# lesions..scar tissue?



## sallyankate (May 17, 2003)

Hi all...first time here.I am trying to find out the best way to help my friend who I have just found out has IBS.I have found some very valuable information here..thank you all *so* much.But cannot find anything about what she told me her surgeon found...which are lesions that wrap around her intestines pinning them to the back wall of the bowel.(my understanding of what she told me.)He described it like film or plastic wrap.Does anyone here know anything about this at all?Thanking you in advance....Sally.


----------



## Wes and Tracy (Apr 14, 1999)

Sounds like Endometriosis, not IBS related.
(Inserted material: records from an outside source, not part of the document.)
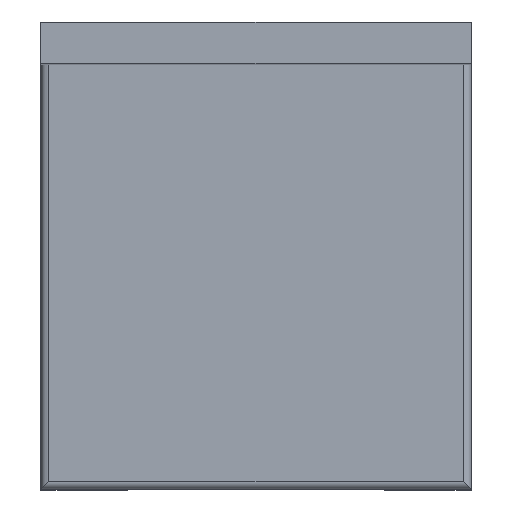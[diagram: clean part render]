
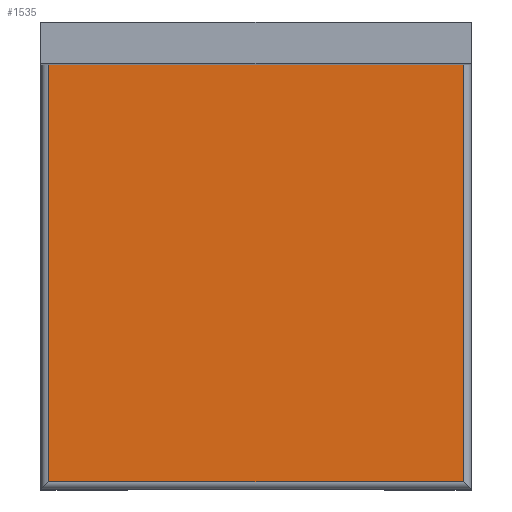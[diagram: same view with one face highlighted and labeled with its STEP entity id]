
A CAD part, top view. The second image highlights one B-rep face of the part: STEP entity #1535.
In plain terms, the highlighted planar face has unit normal (0, 0, 1).
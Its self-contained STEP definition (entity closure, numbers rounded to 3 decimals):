
#238 = CYLINDRICAL_SURFACE('',#239,1.19);
#239 = AXIS2_PLACEMENT_3D('',#240,#241,#242);
#240 = CARTESIAN_POINT('',(-31.995,-35.97,3.7));
#241 = DIRECTION('',(0.,1.,0.));
#242 = DIRECTION('',(-1.,0.,0.));
#426 = CYLINDRICAL_SURFACE('',#427,1.19);
#427 = AXIS2_PLACEMENT_3D('',#428,#429,#430);
#428 = CARTESIAN_POINT('',(-33.185,-34.78,3.7));
#429 = DIRECTION('',(1.,0.,0.));
#430 = DIRECTION('',(0.,-1.,0.));
#994 = VERTEX_POINT('',#995);
#995 = CARTESIAN_POINT('',(-31.995,-34.78,4.89));
#1027 = EDGE_CURVE('',#994,#1028,#1030,.T.);
#1028 = VERTEX_POINT('',#1029);
#1029 = CARTESIAN_POINT('',(-31.995,29.57,4.89));
#1030 = SURFACE_CURVE('',#1031,(#1035,#1042),.PCURVE_S1.);
#1031 = LINE('',#1032,#1033);
#1032 = CARTESIAN_POINT('',(-31.995,-35.97,4.89));
#1033 = VECTOR('',#1034,1.);
#1034 = DIRECTION('',(0.,1.,0.));
#1035 = PCURVE('',#238,#1036);
#1036 = DEFINITIONAL_REPRESENTATION('',(#1037),#1041);
#1037 = LINE('',#1038,#1039);
#1038 = CARTESIAN_POINT('',(1.571,0.));
#1039 = VECTOR('',#1040,1.);
#1040 = DIRECTION('',(0.,1.));
#1041 = ( GEOMETRIC_REPRESENTATION_CONTEXT(2) 
PARAMETRIC_REPRESENTATION_CONTEXT() REPRESENTATION_CONTEXT('2D SPACE',''
  ) );
#1042 = PCURVE('',#1043,#1048);
#1043 = PLANE('',#1044);
#1044 = AXIS2_PLACEMENT_3D('',#1045,#1046,#1047);
#1045 = CARTESIAN_POINT('',(-33.185,-35.97,4.89));
#1046 = DIRECTION('',(0.,0.,1.));
#1047 = DIRECTION('',(1.,0.,0.));
#1048 = DEFINITIONAL_REPRESENTATION('',(#1049),#1053);
#1049 = LINE('',#1050,#1051);
#1050 = CARTESIAN_POINT('',(1.19,0.));
#1051 = VECTOR('',#1052,1.);
#1052 = DIRECTION('',(0.,1.));
#1053 = ( GEOMETRIC_REPRESENTATION_CONTEXT(2) 
PARAMETRIC_REPRESENTATION_CONTEXT() REPRESENTATION_CONTEXT('2D SPACE',''
  ) );
#1224 = CYLINDRICAL_SURFACE('',#1225,1.19);
#1225 = AXIS2_PLACEMENT_3D('',#1226,#1227,#1228);
#1226 = CARTESIAN_POINT('',(31.995,-35.97,3.7));
#1227 = DIRECTION('',(0.,1.,0.));
#1228 = DIRECTION('',(1.,0.,-0.));
#1323 = EDGE_CURVE('',#994,#1324,#1326,.T.);
#1324 = VERTEX_POINT('',#1325);
#1325 = CARTESIAN_POINT('',(31.995,-34.78,4.89));
#1326 = SURFACE_CURVE('',#1327,(#1331,#1338),.PCURVE_S1.);
#1327 = LINE('',#1328,#1329);
#1328 = CARTESIAN_POINT('',(-33.185,-34.78,4.89));
#1329 = VECTOR('',#1330,1.);
#1330 = DIRECTION('',(1.,0.,0.));
#1331 = PCURVE('',#426,#1332);
#1332 = DEFINITIONAL_REPRESENTATION('',(#1333),#1337);
#1333 = LINE('',#1334,#1335);
#1334 = CARTESIAN_POINT('',(-1.571,0.));
#1335 = VECTOR('',#1336,1.);
#1336 = DIRECTION('',(-0.,1.));
#1337 = ( GEOMETRIC_REPRESENTATION_CONTEXT(2) 
PARAMETRIC_REPRESENTATION_CONTEXT() REPRESENTATION_CONTEXT('2D SPACE',''
  ) );
#1338 = PCURVE('',#1043,#1339);
#1339 = DEFINITIONAL_REPRESENTATION('',(#1340),#1344);
#1340 = LINE('',#1341,#1342);
#1341 = CARTESIAN_POINT('',(0.,1.19));
#1342 = VECTOR('',#1343,1.);
#1343 = DIRECTION('',(1.,0.));
#1344 = ( GEOMETRIC_REPRESENTATION_CONTEXT(2) 
PARAMETRIC_REPRESENTATION_CONTEXT() REPRESENTATION_CONTEXT('2D SPACE',''
  ) );
#1535 = ADVANCED_FACE('',(#1536),#1043,.T.);
#1536 = FACE_BOUND('',#1537,.T.);
#1537 = EDGE_LOOP('',(#1538,#1539,#1540,#1563));
#1538 = ORIENTED_EDGE('',*,*,#1027,.F.);
#1539 = ORIENTED_EDGE('',*,*,#1323,.T.);
#1540 = ORIENTED_EDGE('',*,*,#1541,.T.);
#1541 = EDGE_CURVE('',#1324,#1542,#1544,.T.);
#1542 = VERTEX_POINT('',#1543);
#1543 = CARTESIAN_POINT('',(31.995,29.57,4.89));
#1544 = SURFACE_CURVE('',#1545,(#1549,#1556),.PCURVE_S1.);
#1545 = LINE('',#1546,#1547);
#1546 = CARTESIAN_POINT('',(31.995,-35.97,4.89));
#1547 = VECTOR('',#1548,1.);
#1548 = DIRECTION('',(0.,1.,0.));
#1549 = PCURVE('',#1043,#1550);
#1550 = DEFINITIONAL_REPRESENTATION('',(#1551),#1555);
#1551 = LINE('',#1552,#1553);
#1552 = CARTESIAN_POINT('',(65.18,0.));
#1553 = VECTOR('',#1554,1.);
#1554 = DIRECTION('',(0.,1.));
#1555 = ( GEOMETRIC_REPRESENTATION_CONTEXT(2) 
PARAMETRIC_REPRESENTATION_CONTEXT() REPRESENTATION_CONTEXT('2D SPACE',''
  ) );
#1556 = PCURVE('',#1224,#1557);
#1557 = DEFINITIONAL_REPRESENTATION('',(#1558),#1562);
#1558 = LINE('',#1559,#1560);
#1559 = CARTESIAN_POINT('',(-1.571,0.));
#1560 = VECTOR('',#1561,1.);
#1561 = DIRECTION('',(-0.,1.));
#1562 = ( GEOMETRIC_REPRESENTATION_CONTEXT(2) 
PARAMETRIC_REPRESENTATION_CONTEXT() REPRESENTATION_CONTEXT('2D SPACE',''
  ) );
#1563 = ORIENTED_EDGE('',*,*,#1564,.F.);
#1564 = EDGE_CURVE('',#1028,#1542,#1565,.T.);
#1565 = SURFACE_CURVE('',#1566,(#1570,#1577),.PCURVE_S1.);
#1566 = LINE('',#1567,#1568);
#1567 = CARTESIAN_POINT('',(-33.185,29.57,4.89));
#1568 = VECTOR('',#1569,1.);
#1569 = DIRECTION('',(1.,0.,0.));
#1570 = PCURVE('',#1043,#1571);
#1571 = DEFINITIONAL_REPRESENTATION('',(#1572),#1576);
#1572 = LINE('',#1573,#1574);
#1573 = CARTESIAN_POINT('',(0.,65.54));
#1574 = VECTOR('',#1575,1.);
#1575 = DIRECTION('',(1.,0.));
#1576 = ( GEOMETRIC_REPRESENTATION_CONTEXT(2) 
PARAMETRIC_REPRESENTATION_CONTEXT() REPRESENTATION_CONTEXT('2D SPACE',''
  ) );
#1577 = PCURVE('',#1578,#1583);
#1578 = PLANE('',#1579);
#1579 = AXIS2_PLACEMENT_3D('',#1580,#1581,#1582);
#1580 = CARTESIAN_POINT('',(-33.185,29.57,4.89));
#1581 = DIRECTION('',(0.,1.,0.));
#1582 = DIRECTION('',(0.,0.,1.));
#1583 = DEFINITIONAL_REPRESENTATION('',(#1584),#1588);
#1584 = LINE('',#1585,#1586);
#1585 = CARTESIAN_POINT('',(0.,0.));
#1586 = VECTOR('',#1587,1.);
#1587 = DIRECTION('',(0.,1.));
#1588 = ( GEOMETRIC_REPRESENTATION_CONTEXT(2) 
PARAMETRIC_REPRESENTATION_CONTEXT() REPRESENTATION_CONTEXT('2D SPACE',''
  ) );

But her doctor would have performed a laperoscopy and lasered them off when he found them.Wes


----------



## Jleigh (Dec 8, 2000)

Sometimes you can get lesions after having other surgery's. Say...a tubal, gallbladder surg, hysterctomy etc. The lesions can cause a lot of pain and can be clipped but will likely come back at some point. Atleast that is what I have been told.Jleigh


----------



## *Luna* (Nov 19, 2001)

Not every dr will laser those off when he sees them.My poor mom had a lap and the gyn just looked and saw the endo but didn't do anything about it. Then he recommended a hysterectomy, because well you don't need that uterus anymore anyhow, right?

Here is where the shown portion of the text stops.